Specific Heat Capacity

Specific heat capacity measures how much energy a material needs to warm up. It produces one of the most predictable calculations in IGCSE Physics 0625, which is exactly why examiners set it almost every session. Dropping its marks hurts.

What is specific heat capacity and what is the equation?

Specific heat capacity is the energy required per kilogram to raise the temperature of a substance by 1 °C. In words: $\text{energy} = \text{mass} \times \text{specific heat capacity} \times \text{temperature change}$. In symbols: $\Delta E = mc\Delta\theta$.

Quantity	Symbol	Unit
Energy transferred	$\Delta E$	joule (J)
Mass	$m$	kilogram (kg)
Specific heat capacity	$c$	J/(kg °C)
Temperature change	$\Delta\theta$	°C

Water’s value is famously high: 4200 J/(kg °C). Heating 1 kg of water by 1 °C takes 4200 J. Metals sit far lower (copper is about 385 J/(kg °C)), which is why a copper pan heats faster than the water inside it. Increasing an object’s temperature increases the internal energy of the object: the particles’ average kinetic energy rises.
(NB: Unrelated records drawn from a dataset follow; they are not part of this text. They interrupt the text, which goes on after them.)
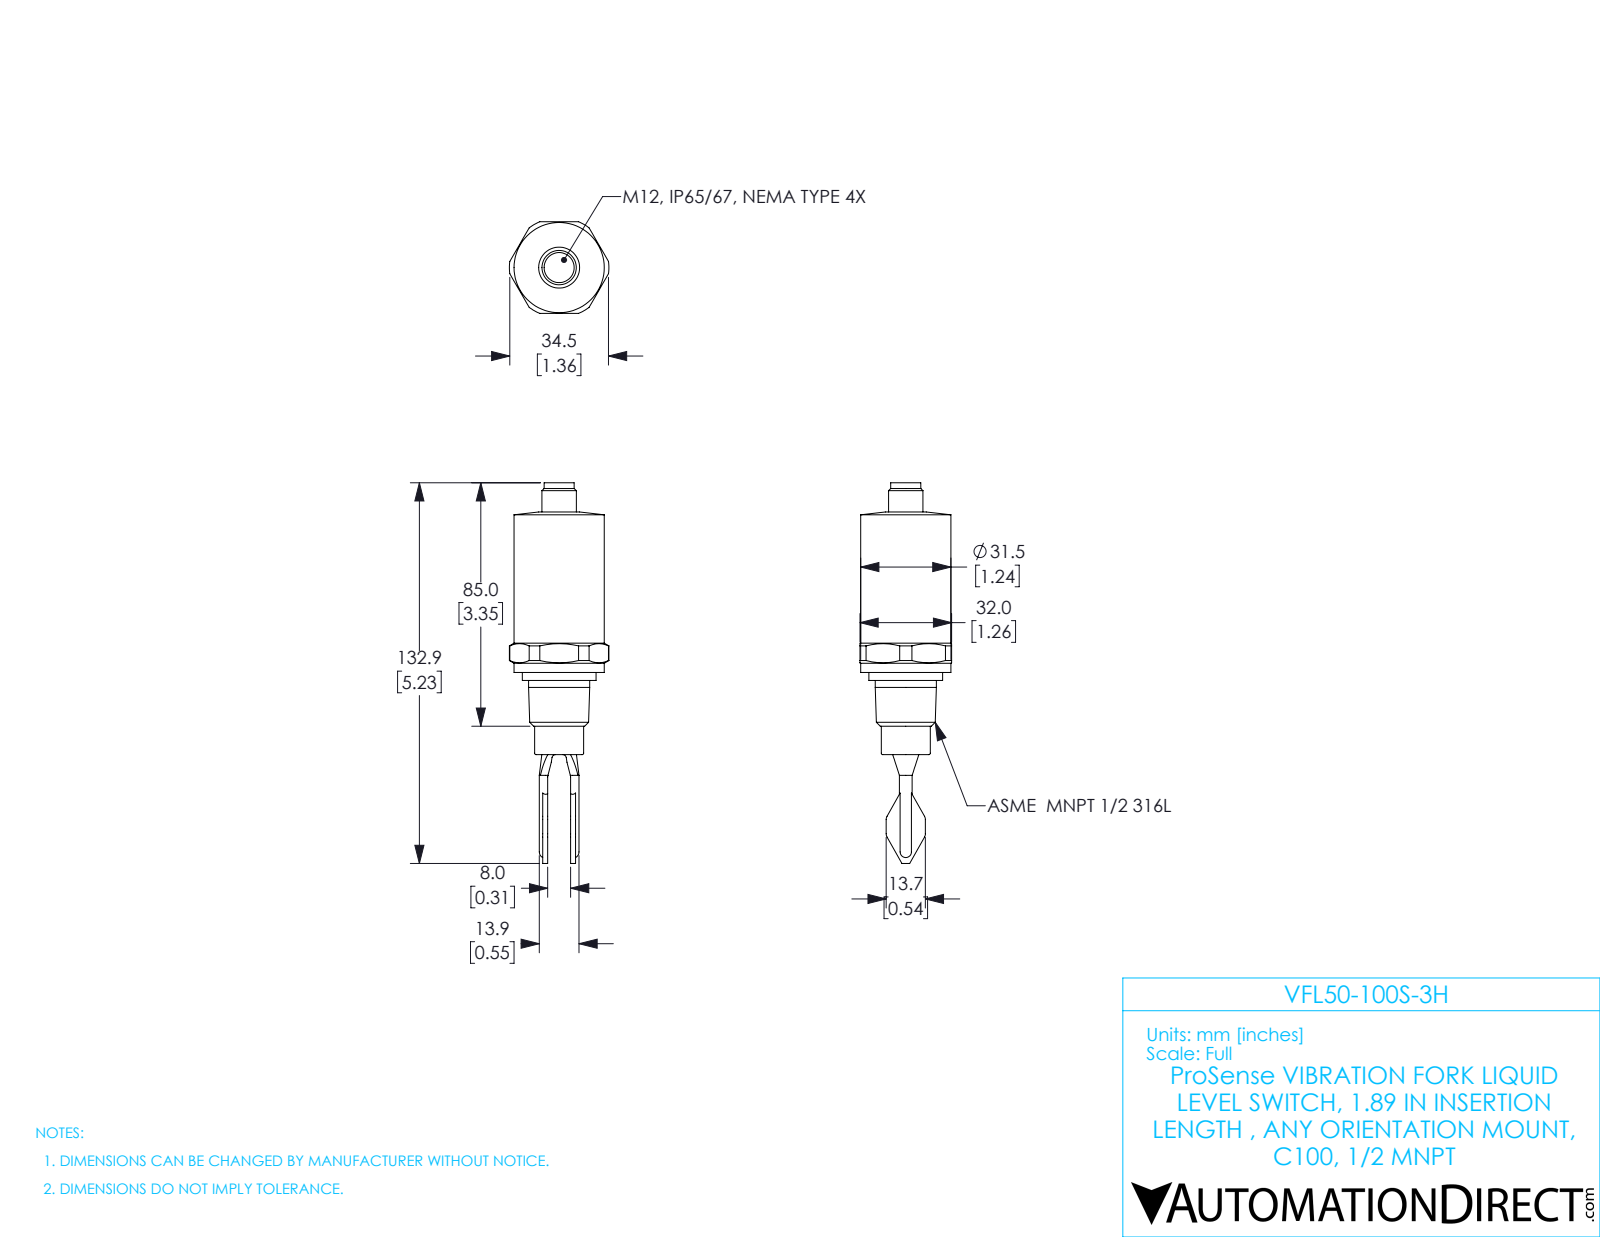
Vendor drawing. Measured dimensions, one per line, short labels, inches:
name: VFL50-100S-3H
written by: SolidWorks 2017 (AUTOMOTIVE_DESIGN)
unit: in
bodies: 1 solid, 101 faces (46 planar, 36 cylindrical, 19 other)
size: 5.232 × 1.368 × 1.26
volume: 3.393 in³; area: 16.77 in²
bosses: 1× ⌀1.24, 1× ⌀1.014, 1× ⌀0.84, 1× ⌀0.673, 1× ⌀0.472, 1× ⌀0.413
rounds: 4× R0.047, 4× R0.094, 2× R0.088, 1× R0.684
face distances: 0.068, 0.383, 0.315, 1.26, 0.11, 0.451, 1.02, 1.13, 3.736, 2.717

Why does water’s high specific heat capacity matter?

It makes water an excellent coolant and a climate moderator. Car radiators use water because each kilogram absorbs a lot of energy for a small temperature rise. Coastal areas, including most of Peninsular Malaysia, have milder temperature swings because the sea warms and cools slowly. Either example earns application marks.

Worked Exam Question

A kettle transfers 126 000 J of energy to 0.50 kg of water. The water starts at 30 °C. The specific heat capacity of water is 4200 J/(kg °C). Calculate the final temperature of the water. Ignore energy losses. [4]

Worked solution:

1. Equation: $\Delta E = mc\Delta\theta$
2. Rearrange: $\Delta\theta = \Delta E \div (mc)$
3. Substitute: $\Delta\theta = 126\,000 \div (0.50 \times 4200) = 126\,000 \div 2100$
4. $\Delta\theta = 60\ \text{°C}$, so final temperature $= 30 + 60 = 90\ \text{°C}$ (2 significant figures)

Mark scheme:

• M1: $\Delta E = mc\Delta\theta$ stated or correctly rearranged
• M1: correct substitution: $126\,000 \div (0.50 \times 4200)$
• A1: $\Delta\theta = 60\ \text{°C}$
• A1: final temperature 90 °C with unit

Common Mistakes

• Substituting a single temperature instead of the change. $\Delta\theta$ means final minus initial. A question giving 30 °C and 90 °C needs 60 in the equation, never 90.
• Leaving mass in grams. 500 g must become 0.50 kg before substituting, or the answer is out by a factor of 1000.
• Stopping at $\Delta\theta$ when the question asks for the final temperature. Read the last line of the question again before moving on.
• Quoting the unit as J/kg or J/°C. The full unit J/(kg °C) is required for definition marks.
• In the experiment, ignoring energy lost to the surroundings. Mark schemes expect “measured $c$ is too high because some energy heats the surroundings, not the block”.

Exam Technique Tip

Write the standard equation first, substitute with units converted, then rearrange on paper, never in your head. Cambridge awards the method mark for a correct equation or substitution even when the arithmetic fails, so every visible line is insurance. We drill the same five-step routine as our calculation guide (equation, substitute, rearrange, unit, significant figures) until it is automatic.

How This Is Examined

All four written papers use this subtopic. Paper 2 tests the definition and one-step calculations. Paper 4 sets multi-step calculations like the worked example, often combining $\Delta E = mc\Delta\theta$ with electrical power ($E = Pt$) in one question. Core candidates focus on the qualitative link between energy and temperature rise; the full calculation with $c$ is Extended, so it stays off Papers 1 and 3. This is also a flagship practical: measuring c for a metal block with an immersion heater, thermometer, balance and joulemeter appears regularly on Papers 5 and 6, with questions on insulation, stirring and sources of error. Know the experiment as well as the equation.